__Your assignment__
Would you transcribe the records below exactly, omitting every picture?

+---+

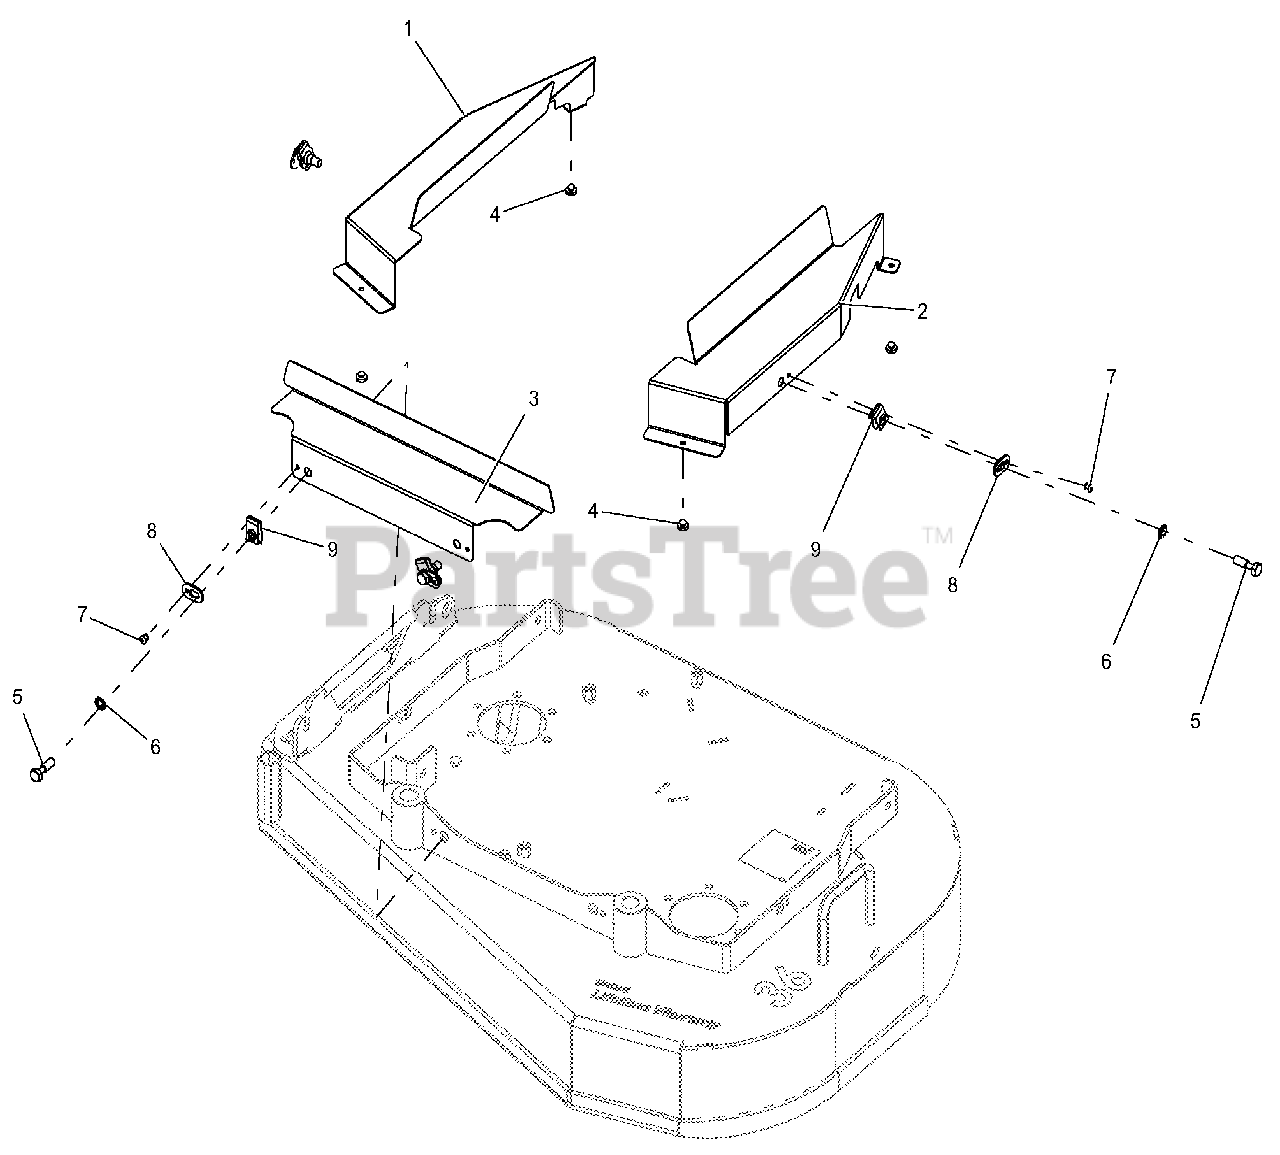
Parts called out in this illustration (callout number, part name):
1	GUARD, BELT 36" LH CE-RED
2	GUARD, BELT LH CE 36
3	GUARD, BELT 36" CE CENTER-RED
4	BUMPER GROMMET .125 X .25 REV
5	BLT, HEX 0.38-16 X 1.25 GR5 CAPTIVE
6	LOCK, WSHR-EXT 0.391 X 0.628 X 0.036 YWZC
7	RVT-POP .187x.250 (#64) YWZC
8	KEEPER, BOLT
9	NUT, RTNR .375-16X.37
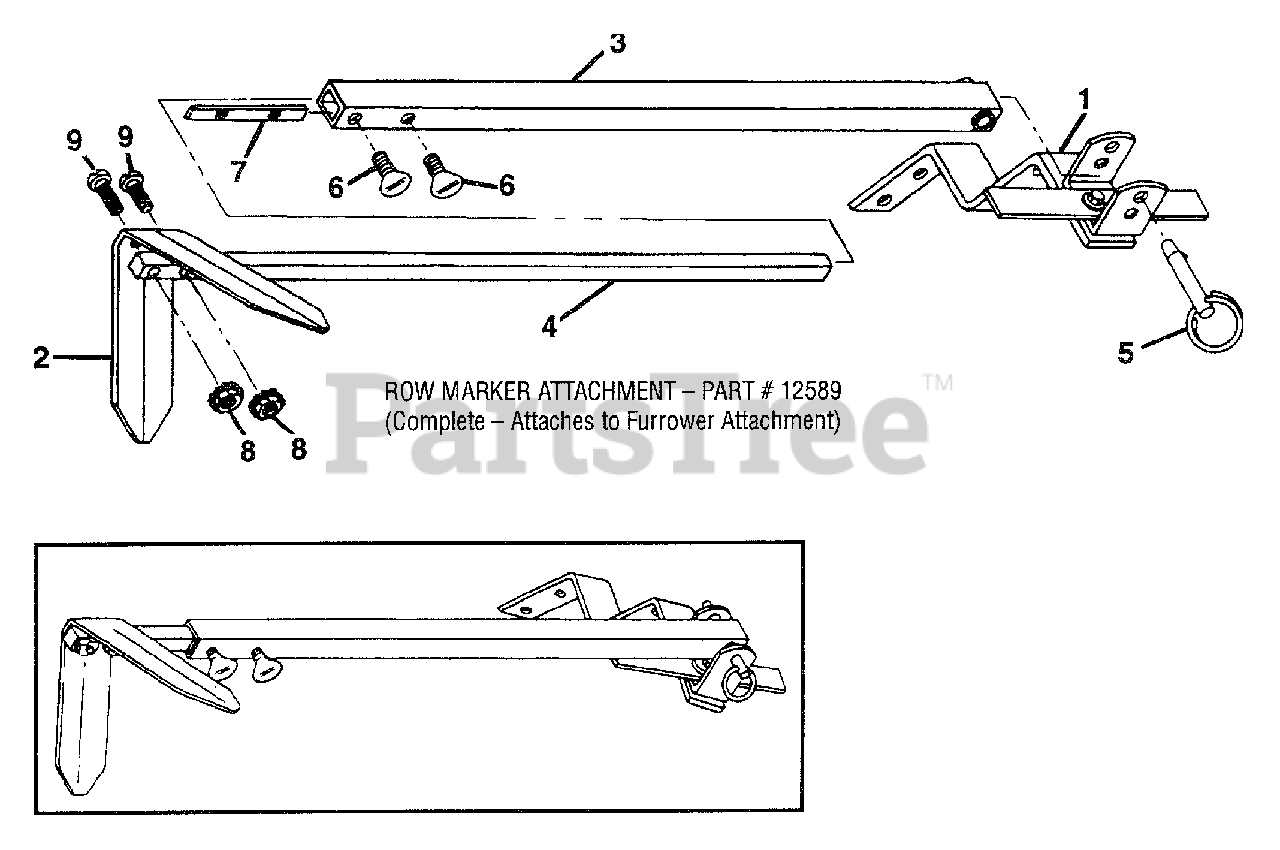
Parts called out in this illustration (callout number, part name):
1	Main Support & Yoke Assy-complete
2	Marker Blade-blade only
3	Marker Arm-main arm
4	Marker Arm-extension arm with stop pin
5	Hitch Pin-
6	Thumbscrew-1/4-20 x 1/2, not avail. sep.
7	Nut Bar-
8	Nut-hex, 10-24 w/attached start washers, not avail. sep.
9	Screw-round hd.,10-24 x 1, not avail. sep.
12589	Row Marker Attachment-

+---+

__Written response__
Parts called out in this illustration (callout number, part name):
1	GUARD, BELT 36" LH CE-RED
2	GUARD, BELT LH CE 36
3	GUARD, BELT 36" CE CENTER-RED
4	BUMPER GROMMET .125 X .25 REV
5	BLT, HEX 0.38-16 X 1.25 GR5 CAPTIVE
6	LOCK, WSHR-EXT 0.391 X 0.628 X 0.036 YWZC
7	RVT-POP .187x.250 (#64) YWZC
8	KEEPER, BOLT
9	NUT, RTNR .375-16X.37
Parts called out in this illustration (callout number, part name):
1	Main Support & Yoke Assy-complete
2	Marker Blade-blade only
3	Marker Arm-main arm
4	Marker Arm-extension arm with stop pin
5	Hitch Pin-
6	Thumbscrew-1/4-20 x 1/2, not avail. sep.
7	Nut Bar-
8	Nut-hex, 10-24 w/attached start washers, not avail. sep.
9	Screw-round hd.,10-24 x 1, not avail. sep.
12589	Row Marker Attachment-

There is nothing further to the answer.